Li Grande Sertão: Veredas quando estava na faculdade de Jornalismo, no começo dos anos 1990, e o livro nunca mais saiu do meu infinito particular. Ainda sob o impacto da leitura, usei uma frase do romance de Guimarães Rosa como epígrafe do meu trabalho de conclusão de curso, que tratava das crônicas do jornalista Carlos Reverbel (1912 – 1997): "Vivendo, se aprende; mas o que se aprende, mais, é só a fazer outras maiores perguntas". Grande Sertão é um livro que se lê sublinhando e anotando frases, e não foi difícil encontrar uma que parecia muito adequada para a primeira página de um trabalho acadêmico. (Epígrafes e dedicatórias são mais ou menos como tatuagens: com o passar do tempo, podem nos orgulhar ou nos deixar constrangidos. Eu ainda me orgulho da minha.)

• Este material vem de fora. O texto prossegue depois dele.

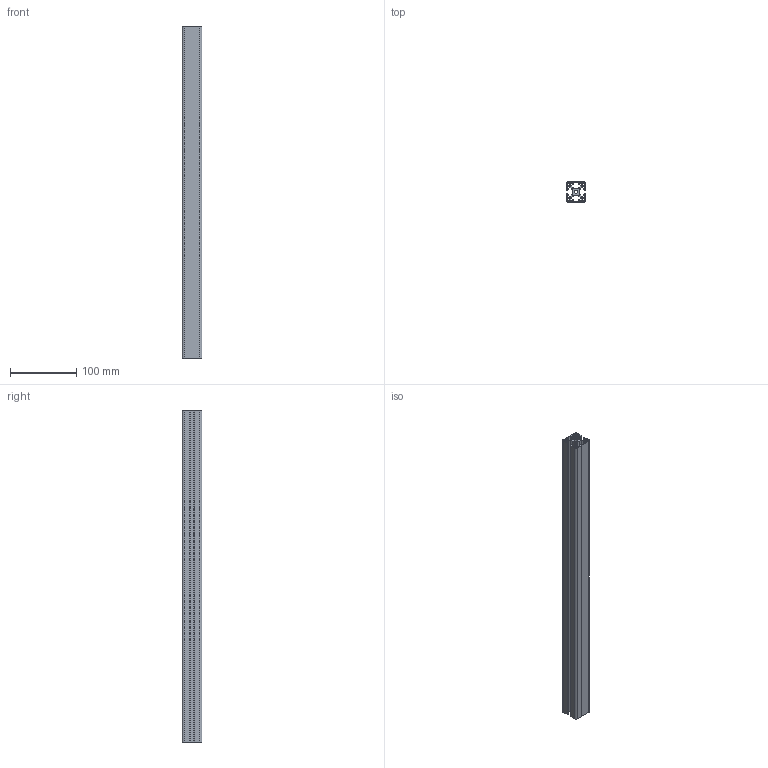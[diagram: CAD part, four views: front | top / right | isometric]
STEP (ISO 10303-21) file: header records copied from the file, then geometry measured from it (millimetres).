
FILE_DESCRIPTION (( 'STEP AP203' ), '1' );
FILE_NAME ('PP3130-500-Rollco.step', '2026-05-04T07:40:08', ( '' ), ( '' ), 'SwSTEP 2.0', 'SolidWorks 2014', '' );
FILE_SCHEMA (( 'CONFIG_CONTROL_DESIGN' ));
Length unit declared in the file: millimetre
Products named in the file (1): PP3130-500-Rollco
Bounding box: 30 x 30 x 500 mm (x, y, z)
Volume: 180066.7 mm3; surface area: 180332 mm2
Topology: 1 solids, 1 shells, 156 faces, 462 edges, 308 vertices
Faces by surface type: cylinder 78, plane 78
Entity records: 5359 total; most frequent: CARTESIAN_POINT 951, ORIENTED_EDGE 924, DIRECTION 916, EDGE_CURVE 462, VERTEX_POINT 308, VECTOR 306, LINE 306, AXIS2_PLACEMENT_3D 305

Voltei ao livro algumas vezes desde então – não para reler por inteiro, mas para a matar a saudade da história tropeando sem rumo pelas páginas. Também levei a sério esse negócio de "o sertão está em toda parte". Comprei todas as novas edições do romance que me pareceram especialmente irresistíveis, além de muitos livros sobre o livro. (Entre eles, meu preferido, Os Descaminhos do Demo, da professora Kathrin H. Rosenfield, aqui da UFRGS.) Assim que foi lançado, encomendei o DVD da minissérie de 1985, dirigida por Walter Avancini – uma das melhores produções da Globo de todos os tempos, na minha nada isenta opinião. Em 2006, durante as comemorações dos 50 anos do livro, fui a São Paulo visitar a exposição sobre Guimarães Rosa que inaugurou o Museu da Língua Portuguesa. Em 2014, li a versão em quadrinhos criada pelos gaúchos Eloar Guazzelli e Rodrigo Rosa. E teria ido atrás da montagem de Bia Lessa se, para nossa sorte, a peça não tivesse vindo ao Em Cena na semana que passou. Cada uma dessas experiências com o livro, transposto para outras linguagens e filtrado pela sensibilidade de outros leitores, me pareceu excepcional a sua maneira. Ou é muita sorte ou só os melhores leitores se arriscam a enfrentar o livro.
Para mim, boa parte do fascínio do romance reside em uma harmonia rara entre razão e emoção, aventura e metafísica, sublime e prosaico. Perdemos o fôlego nas cenas de guerra, ao mesmo tempo em que cada um dos aforismos de Riobaldo mobiliza nossa atenção mais profunda e reflexiva. Esse vaivém entre o mundo de fora e o mundo de dentro ("O senhor sabe o que o silêncio é? É a gente mesmo, demais") espelha, de alguma forma, a travessia cotidiana de cada um de nós entre o vivido e o narrado, o real e o sonhado, o imprevisível e o planejado.
Olhando para trás, Riobaldo não tem certeza se sempre escolheu as veredas certas ou se soube distinguir o bem do seu contrário. Quis trilhar o caminho dos justos, como quase todo mundo, mas, no miúdo da vida, nem sempre resistiu à sedução do outro lado. Na figura do "pacto com o demo" – real ou figurado, Riobaldo se pergunta –, Rosa nos convida a refletir sobre nossa própria fragilidade moral diante dos desafios inesperados que surgem pelo caminho. Insegurança, desespero, cansaço, ambição: o que levaria alguém a decidir firmar um pacto com a porção mais sombria das trevas mais escuras? Mesmo ateus, como eu, andam se perguntando muito isso ultimamente.